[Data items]
-=-=-=-=-

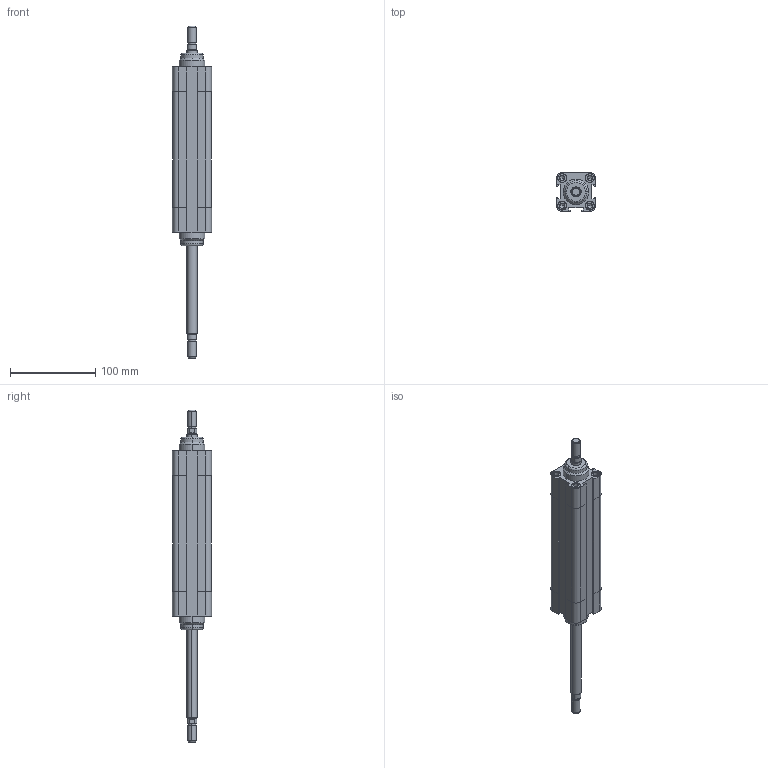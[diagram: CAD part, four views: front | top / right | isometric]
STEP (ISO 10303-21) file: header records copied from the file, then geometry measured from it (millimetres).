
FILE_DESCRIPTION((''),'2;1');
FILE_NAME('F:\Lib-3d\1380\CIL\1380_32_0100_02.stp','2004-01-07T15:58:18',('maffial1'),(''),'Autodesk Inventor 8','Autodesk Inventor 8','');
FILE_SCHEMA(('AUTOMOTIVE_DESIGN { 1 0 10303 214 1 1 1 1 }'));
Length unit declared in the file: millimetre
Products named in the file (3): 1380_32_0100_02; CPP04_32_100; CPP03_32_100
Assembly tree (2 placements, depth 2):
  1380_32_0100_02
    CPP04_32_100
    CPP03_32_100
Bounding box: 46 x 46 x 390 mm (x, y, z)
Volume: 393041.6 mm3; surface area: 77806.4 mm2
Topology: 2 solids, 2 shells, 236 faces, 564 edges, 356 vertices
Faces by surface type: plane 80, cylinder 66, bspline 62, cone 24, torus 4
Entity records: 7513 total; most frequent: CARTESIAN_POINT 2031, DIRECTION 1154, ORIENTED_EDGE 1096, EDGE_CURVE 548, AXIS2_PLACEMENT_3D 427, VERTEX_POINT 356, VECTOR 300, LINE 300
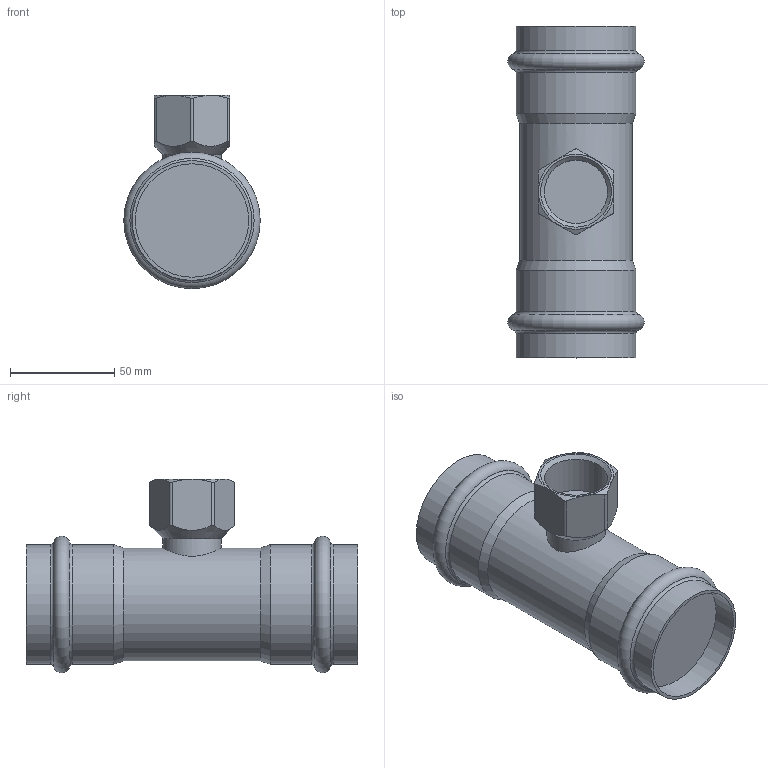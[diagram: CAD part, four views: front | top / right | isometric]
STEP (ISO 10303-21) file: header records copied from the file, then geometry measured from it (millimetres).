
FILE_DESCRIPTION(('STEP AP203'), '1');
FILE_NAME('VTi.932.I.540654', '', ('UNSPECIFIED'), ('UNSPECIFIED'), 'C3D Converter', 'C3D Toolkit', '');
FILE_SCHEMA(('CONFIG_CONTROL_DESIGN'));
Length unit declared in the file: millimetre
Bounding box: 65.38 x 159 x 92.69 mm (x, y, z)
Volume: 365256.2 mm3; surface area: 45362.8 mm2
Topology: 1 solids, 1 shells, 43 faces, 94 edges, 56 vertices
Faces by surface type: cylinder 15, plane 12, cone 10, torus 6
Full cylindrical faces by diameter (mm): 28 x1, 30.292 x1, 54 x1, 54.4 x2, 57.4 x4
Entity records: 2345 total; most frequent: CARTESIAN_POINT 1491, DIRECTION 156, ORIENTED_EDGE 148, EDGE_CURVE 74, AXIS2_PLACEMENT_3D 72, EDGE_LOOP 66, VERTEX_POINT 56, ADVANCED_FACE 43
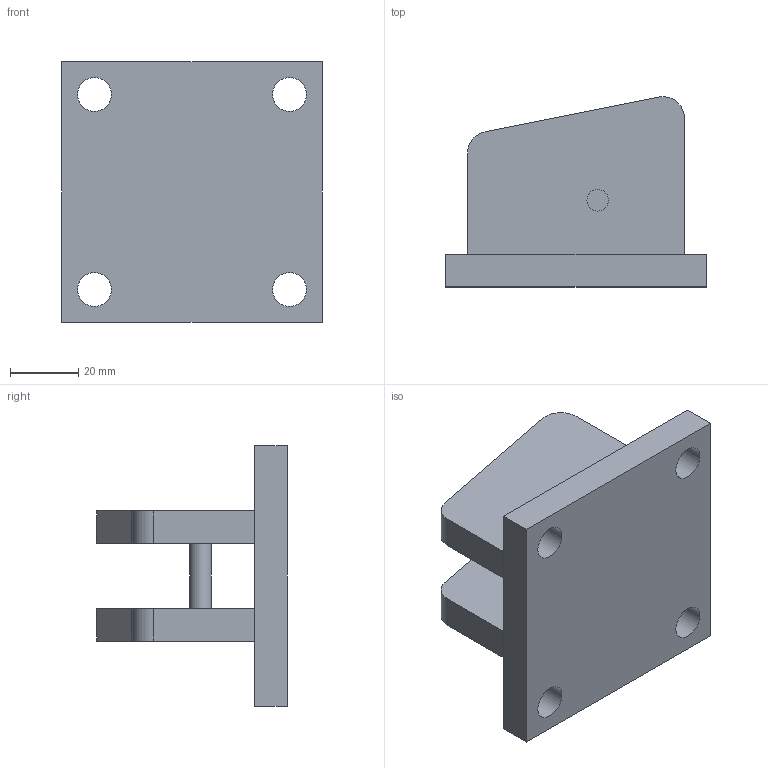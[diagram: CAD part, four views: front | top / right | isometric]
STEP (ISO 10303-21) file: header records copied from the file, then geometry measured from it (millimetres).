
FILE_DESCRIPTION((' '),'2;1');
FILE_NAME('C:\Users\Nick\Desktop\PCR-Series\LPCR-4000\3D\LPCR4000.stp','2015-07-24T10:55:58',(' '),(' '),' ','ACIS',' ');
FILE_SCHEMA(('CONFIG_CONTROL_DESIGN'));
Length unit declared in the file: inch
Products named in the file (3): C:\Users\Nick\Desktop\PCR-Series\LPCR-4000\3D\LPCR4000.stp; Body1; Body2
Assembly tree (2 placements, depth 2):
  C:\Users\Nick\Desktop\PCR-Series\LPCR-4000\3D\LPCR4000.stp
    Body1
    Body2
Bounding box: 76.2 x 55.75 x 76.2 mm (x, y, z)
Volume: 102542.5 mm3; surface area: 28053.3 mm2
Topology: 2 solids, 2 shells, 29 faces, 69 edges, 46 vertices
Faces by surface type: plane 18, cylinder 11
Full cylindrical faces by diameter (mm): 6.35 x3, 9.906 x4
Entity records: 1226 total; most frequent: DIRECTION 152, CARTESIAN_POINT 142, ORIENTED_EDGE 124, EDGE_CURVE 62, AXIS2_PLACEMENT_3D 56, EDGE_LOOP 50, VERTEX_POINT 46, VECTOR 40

-=-=-=-=-

EXERCISE BRIEF |
Each entry is to be transcribed verbatim, and any picture in it is to be skipped.

ANSWER SECTION |
[diagram: CAD part, four views: front | top / right | isometric]
STEP (ISO 10303-21) file: header records copied from the file, then geometry measured from it (millimetres).
FILE_DESCRIPTION((''),'2;1');
FILE_NAME('F:\Lib-3d\1380\CIL\1380_32_0100_02.stp','2004-01-07T15:58:18',('maffial1'),(''),'Autodesk Inventor 8','Autodesk Inventor 8','');
FILE_SCHEMA(('AUTOMOTIVE_DESIGN { 1 0 10303 214 1 1 1 1 }'));
Length unit declared in the file: millimetre
Products named in the file (3): 1380_32_0100_02; CPP04_32_100; CPP03_32_100
Assembly tree (2 placements, depth 2):
  1380_32_0100_02
    CPP04_32_100
    CPP03_32_100
Bounding box: 46 x 46 x 390 mm (x, y, z)
Volume: 393041.6 mm3; surface area: 77806.4 mm2
Topology: 2 solids, 2 shells, 236 faces, 564 edges, 356 vertices
Faces by surface type: plane 80, cylinder 66, bspline 62, cone 24, torus 4
Entity records: 7513 total; most frequent: CARTESIAN_POINT 2031, DIRECTION 1154, ORIENTED_EDGE 1096, EDGE_CURVE 548, AXIS2_PLACEMENT_3D 427, VERTEX_POINT 356, VECTOR 300, LINE 300
[diagram: CAD part, four views: front | top / right | isometric]
STEP (ISO 10303-21) file: header records copied from the file, then geometry measured from it (millimetres).
FILE_DESCRIPTION(('STEP AP203'), '1');
FILE_NAME('VTi.932.I.540654', '', ('UNSPECIFIED'), ('UNSPECIFIED'), 'C3D Converter', 'C3D Toolkit', '');
FILE_SCHEMA(('CONFIG_CONTROL_DESIGN'));
Length unit declared in the file: millimetre
Bounding box: 65.38 x 159 x 92.69 mm (x, y, z)
Volume: 365256.2 mm3; surface area: 45362.8 mm2
Topology: 1 solids, 1 shells, 43 faces, 94 edges, 56 vertices
Faces by surface type: cylinder 15, plane 12, cone 10, torus 6
Full cylindrical faces by diameter (mm): 28 x1, 30.292 x1, 54 x1, 54.4 x2, 57.4 x4
Entity records: 2345 total; most frequent: CARTESIAN_POINT 1491, DIRECTION 156, ORIENTED_EDGE 148, EDGE_CURVE 74, AXIS2_PLACEMENT_3D 72, EDGE_LOOP 66, VERTEX_POINT 56, ADVANCED_FACE 43
[diagram: CAD part, four views: front | top / right | isometric]
STEP (ISO 10303-21) file: header records copied from the file, then geometry measured from it (millimetres).
FILE_DESCRIPTION((' '),'2;1');
FILE_NAME('C:\Users\Nick\Desktop\PCR-Series\LPCR-4000\3D\LPCR4000.stp','2015-07-24T10:55:58',(' '),(' '),' ','ACIS',' ');
FILE_SCHEMA(('CONFIG_CONTROL_DESIGN'));
Length unit declared in the file: inch
Products named in the file (3): C:\Users\Nick\Desktop\PCR-Series\LPCR-4000\3D\LPCR4000.stp; Body1; Body2
Assembly tree (2 placements, depth 2):
  C:\Users\Nick\Desktop\PCR-Series\LPCR-4000\3D\LPCR4000.stp
    Body1
    Body2
Bounding box: 76.2 x 55.75 x 76.2 mm (x, y, z)
Volume: 102542.5 mm3; surface area: 28053.3 mm2
Topology: 2 solids, 2 shells, 29 faces, 69 edges, 46 vertices
Faces by surface type: plane 18, cylinder 11
Full cylindrical faces by diameter (mm): 6.35 x3, 9.906 x4
Entity records: 1226 total; most frequent: DIRECTION 152, CARTESIAN_POINT 142, ORIENTED_EDGE 124, EDGE_CURVE 62, AXIS2_PLACEMENT_3D 56, EDGE_LOOP 50, VERTEX_POINT 46, VECTOR 40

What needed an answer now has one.